- Born: Margaret Katherine Seymour 9 May 1918 Paddington, London
- Died: 24 May 1975 (aged 57) Chester, Cheshire
- Noble family: House of Seymour
- Spouse: Sir Alan Philip Hay ​(m. 1948)​
- Father: Lord Henry Seymour
- Mother: Lady Helen Grosvenor
- Occupation: Nurse, courtier

= Lady Margaret Hay =

British aristocrat and Lady-in-Waiting to Queen Elizabeth II

Lady Margaret Katherine Hay (née Seymour; 9 May 1918 – 24 May 1975), known as Lady Margaret Seymour from 1930–48, was a British aristocrat and courtier from the House of Seymour who was Lady-in-Waiting to Queen Elizabeth II. Her eldest son was one of the Queen's godsons.

==Early life and family==

Margaret Seymour was born in 1918 in Paddington into an aristocratic family, the daughter of Brig.-Gen. Lord Henry Seymour and Lady Helen Grosvenor. She was an only child until 1930, when a brother, Hugh, was born. The family home was Ragley Hall, Alcester.

Her father was the second son of the 6th Marquess of Hertford and Lady Mary Hood, daughter of Alexander Hood, 1st Viscount Bridport. Her mother was the youngest daughter of Hugh Grosvenor, 1st Duke of Westminster by his first wife, Lady Constance Sutherland-Leveson-Gower, daughter of the Duke and Duchess of Sutherland.
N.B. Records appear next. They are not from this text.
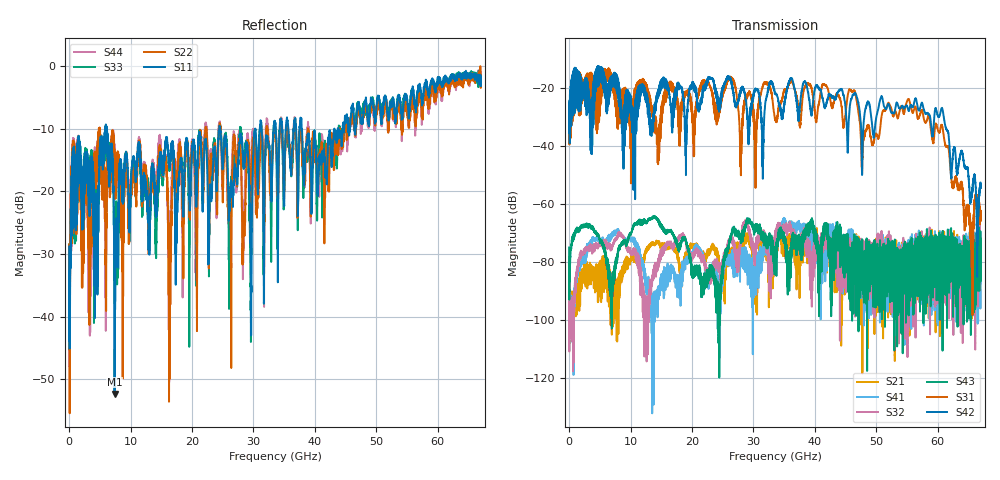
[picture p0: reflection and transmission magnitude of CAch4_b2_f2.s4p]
!Agilent Technologies,N5247A,US51170199,A.09.90.13
!Agilent N5247A: A.09.90.13
!Date: Thursday, October 18, 2018 09:40:35
!Correction: S11(Full 4 Port(1,2,3,4))
!S12(Full 4 Port(1,2,3,4))
!S13(Full 4 Port(1,2,3,4))
!S14(Full 4 Port(1,2,3,4))
!S21(Full 4 Port(1,2,3,4))
!S22(Full 4 Port(1,2,3,4))
!S23(Full 4 Port(1,2,3,4))
!S24(Full 4 Port(1,2,3,4))
!S31(Full 4 Port(1,2,3,4))
!S32(Full 4 Port(1,2,3,4))
!S33(Full 4 Port(1,2,3,4))
!S34(Full 4 Port(1,2,3,4))
!S41(Full 4 Port(1,2,3,4))
!S42(Full 4 Port(1,2,3,4))
!S43(Full 4 Port(1,2,3,4))
!S44(Full 4 Port(1,2,3,4))
!S4P File: Measurements: <S11,S12,S13,S14>,
!<S21,S22,S23,S24>,
!<S31,S32,S33,S34>,
!<S41,S42,S43,S44>:
# Hz S  dB  R 50
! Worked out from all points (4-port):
!   6701 points, 10 MHz to 67 GHz, reference 50 ohm
!   strongest paths, dB at 10 MHz, 16.76 GHz, 33.51 GHz, 50.25 GHz, 67 GHz:
!     S42: -30.4, -28.1, -21.7, -27.7, -53.9
!     S31: -30.6, -21.4, -30.8, -37.3, -63.8
!     S43: -75.0, -70.2, -79.4, -85.3, -75.1
!     S32: -88.9, -74.7, -71.2, -77.8, -80.1
!     S41: -78.0, -83.2, -78.7, -81.1, -76.4
!     S21: -80.7, -74.2, -74.4, -79.3, -74.0
!   lowest |S11| = -52.3 dB at 7.399 GHz (marker M1), VSWR 1.00, Z = 50.1 + j0.233 ohm
!   |S11| at or under -10 dB: start of sweep to 5.859 GHz; 6.124 GHz to 24.42 GHz (18.3 GHz wide, 120 % of centre); 24.6 GHz to 30.25 GHz (5.648 GHz wide, 20.6 % of centre)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
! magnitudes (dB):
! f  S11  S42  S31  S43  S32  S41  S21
! 10 MHz  -28.8  -30.4  -30.6  -75.0  -88.9  -78.0  -80.7
! 7.399 GHz  -52.3  -15.3  -22.5  -82.8  -72.2  -69.1  -84.8
! 16.4 GHz  -14.6  -23.2  -17.9  -69.6  -73.6  -86.6  -75.3
! 45.84 GHz  -8.1  -24.3  -20.8  -91.4  -75.2  -70.7  -78.9
! 47.77 GHz  -9.0  -37.8  -41.3  -80.9  -74.7  -80.2  -98.3
! 55.18 GHz  -6.8  -27.6  -23.9  -73.4  -81.9  -89.8  -88.0
! 67 GHz  -3.2  -53.9  -63.8  -75.1  -80.1  -76.4  -74.0
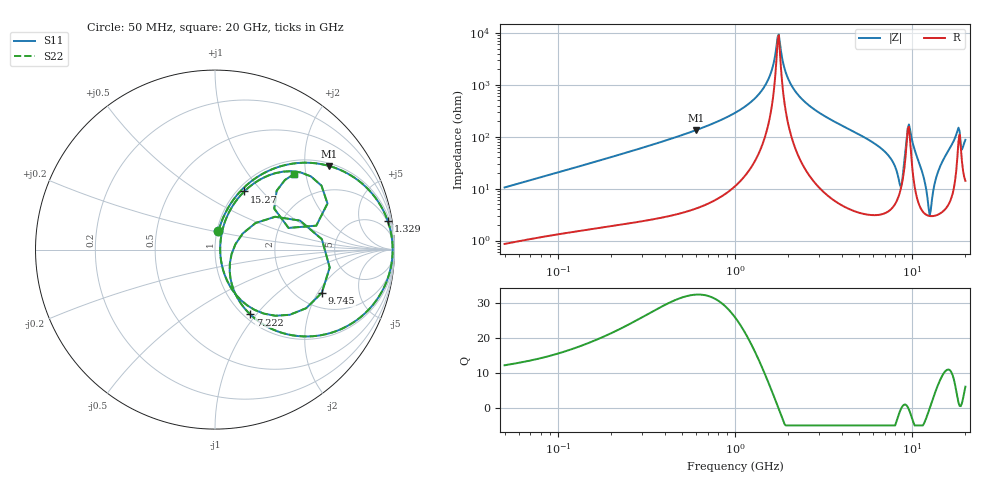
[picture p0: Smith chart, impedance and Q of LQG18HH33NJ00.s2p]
!Murata Part Number: LQG18HH33NJ00
!These Parameters are Measured in Series Mode Connection
!  o--[Z]--o
!Port1  Port2
!  o-------o
!Freq. Start=50[MHz] Stop=20[GHz], 401[Steps]
# Hz S RI R 50
!Freq.(Hz) S11(Real) S11(Imag) S21(Real) S21(Imag) S12(Real) S12(Imag) S22(Real) S22(Imag)
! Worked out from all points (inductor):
!   401 points, 50 MHz to 20 GHz, reference 50 ohm
!   read as one part in series: L = 33.1 nH near 51.52 MHz
!   highest Q = 32.4 at 600.9 MHz (marker M1), where L = 35.4 nH
!   self-resonance near 1.741 GHz
!   S11 on the Smith chart (normalised r, x): 50 MHz: 1.02, +0.21; 1.329 GHz: 2, +12; 7.222 GHz: 1.07, -0.93; 9.745 GHz: 2.65, -2.17; 15.27 GHz: 1.08, +0.80; 20 GHz: 1.28, +1.72
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5e7  0.0192 0.1022  0.9808 -0.1022  0.9808 -0.1022  0.0192 0.1022
1.364002e8  0.0836 0.2503  0.9164 -0.2503  0.9164 -0.2503  0.0836 0.2503
3.721004e8  0.3767 0.4674  0.6233 -0.4674  0.6233 -0.4674  0.3767 0.4674
6.009314e8  0.6372 0.4656  0.3628 -0.4656  0.3628 -0.4656  0.6372 0.4656
1e9  0.8835 0.3022  0.1165 -0.3022  0.1165 -0.3022  0.8835 0.3022
1.329223e9  0.9629 0.1583  0.0371 -0.1583  0.0371 -0.1583  0.9629 0.1583
1.567309e9  0.9851 0.0663  0.0149 -0.0663  0.0149 -0.0663  0.9851 0.0663
1.766834e9  0.9898 -0.00268  0.0102 0.00268  0.0102 0.00268  0.9898 -0.00268
2.05233e9  0.9815 -0.0899  0.0185 0.0899  0.0185 0.0899  0.9815 -0.0899
2.728004e9  0.9193 -0.2523  0.0807 0.2523  0.0807 0.2523  0.9193 -0.2523
4.89267e9  0.5711 -0.4799  0.4289 0.4799  0.4289 0.4799  0.5711 -0.4799
7.222371e9  0.1966 -0.3614  0.8034 0.3614  0.8034 0.3614  0.1966 -0.3614
7.442007e9  0.1675 -0.3305  0.8325 0.3305  0.8325 0.3305  0.1675 -0.3305
8.644534e9  0.0919 -0.0266  0.9081 0.0266  0.9081 0.0266  0.0919 -0.0266
9.178299e9  0.335 0.183  0.665 -0.183  0.665 -0.183  0.335 0.183
9.745021e9  0.5952 -0.2405  0.4048 0.2405  0.4048 0.2405  0.5952 -0.2405
1.019291e10  0.3366 -0.3686  0.6634 0.3686  0.6634 0.3686  0.3366 -0.3686
1.131968e10  0.0799 -0.1976  0.9201 0.1976  0.9201 0.1976  0.0799 -0.1976
1.257102e10  0.0288 -0.00253  0.9712 0.00253  0.9712 0.00253  0.0288 -0.00253
1.527346e10  0.1632 0.3241  0.8368 -0.3241  0.8368 -0.3241  0.1632 0.3241
1.800918e10  0.5934 0.3561  0.4066 -0.3561  0.4066 -0.3561  0.5934 0.3561
2e10  0.4416 0.4213  0.5584 -0.4213  0.5584 -0.4213  0.4416 0.4213
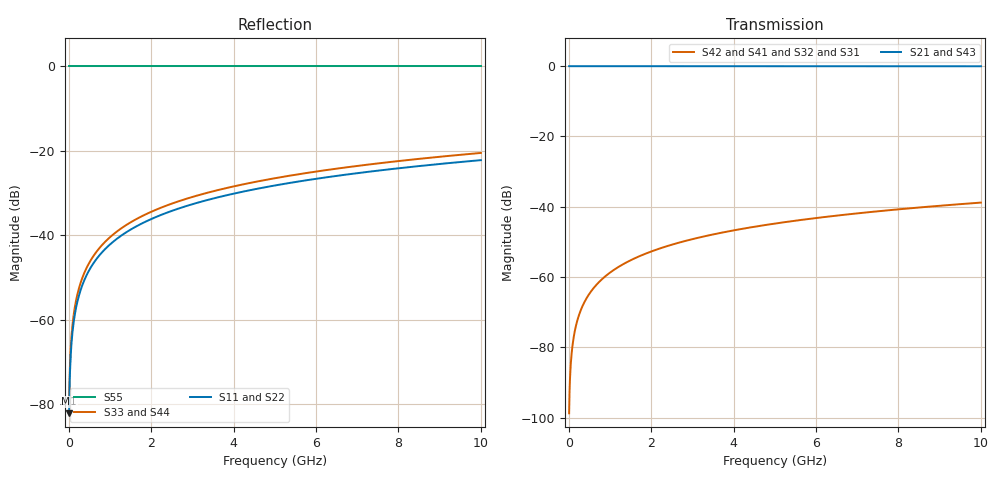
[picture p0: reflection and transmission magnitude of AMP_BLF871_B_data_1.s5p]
! Created Mon Feb  8 16:41:15 2010
# ghz S ma R 50
! 5 Port Network Data from SP1.SP block
! freq  magS11  angS11  magS12  angS12  magS13  angS13  magS14  angS14
!  magS15  angS15
!  magS21  angS21  magS22  angS22  magS23  angS23
!  magS24  angS24  magS25  angS25
!  magS31  angS31  magS32  angS32
!  magS33  angS33  magS34  angS34  magS35  angS35
!  magS41  angS41
!  magS42  angS42  magS43  angS43  magS44  angS44  magS45  angS45
!  magS51  angS51  magS52  angS52  magS53  angS53  magS54  angS54
!  magS55  angS55
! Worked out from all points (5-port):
!   1000 points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, 10 MHz to 10 GHz, reference 50 ohm
!   strongest paths, dB at 10 MHz, 2.51 GHz, 5.01 GHz, 7.51 GHz, 10 GHz:
!     S21: 0.0, 0.0, 0.0, 0.0, 0.0
!     S43: 0.0, 0.0, 0.0, 0.0, 0.0
!     S42: -98.7, -50.7, -44.8, -41.3, -38.8
!     S41: -98.7, -50.7, -44.8, -41.3, -38.8
!     S32: -98.7, -50.7, -44.8, -41.3, -38.8
!     S31: -98.7, -50.7, -44.8, -41.3, -38.8
!   lowest |S11| = -82.2 dB at 10 MHz (marker M1), VSWR 1.00, Z = 50 + j0.00776 ohm
!   |S11| at or under -10 dB: start of sweep to end of sweep

Her father died in 1939. The following year, her brother succeeded their uncle, the flamboyant cross-dressing 7th Marquess, when he died without a male heir. In October 1940, King George VI granted her the rank of a daughter of a marquess in honour of her father, who was heir presumptive to his brother.

==Career==
During the Second World War, Lady Margaret served as a nurse. Following the war, her passion for art led her to take a job at Spink & Son auction house, where she met her future husband.

On 1 May 1947, Lady Margaret was appointed Lady-in-waiting to Princess Elizabeth. In 1953, after the princess became queen she continued in her post as Woman of the Bedchamber, the term for the lady-in-waiting to the sovereign. She remained in her position until her death in 1975; at the time of her death, she was the longest serving member of the Royal Household.

Lady Margaret was appointed a Commander of the Royal Victorian Order (CVO) in the 1953 Coronation Honours and a Dame Commander of the same order (DCVO) in the 1971 New Year Honours.

According to her obituary,

==Personal life==

On 22 April 1948, she married Alan Philip Hay at Holy Trinity Church in Arrow, Warwickshire. Neville Gorton, the Bishop of Coventry, officiated. They had three sons.

- Edward Philip Gerald Hay (born 1949), godson of Queen Elizabeth II (one of her 30 godchildren), Duchess of Kent, Sir Steven Runciman, and Gerald Grosvenor, 4th Duke of Westminster
- Andrew Nicholas John Hay (born 1951), godson of Mrs. Michael Babington Smith and Hon. Patricia Eyres-Monsell Kenward
- Simon Henry Peter Hay (born 1955), godson of Princess Alexandra Ogilvy, Viscount Cobham, Major-General Michael Alston-Roberts-West, and Lady Alice Egerton

Lady Margaret died in 1975 in Chester, weeks after her 57th birthday. Queen Elizabeth and Duke of Edinburgh attended her memorial service held at the Guards' Chapel, Wellington Barracks in Westminster, as did the Prince of Wales, the Duke and Duchess of Kent, Prince Michael of Kent, and Princess Alice, Countess of Athlone.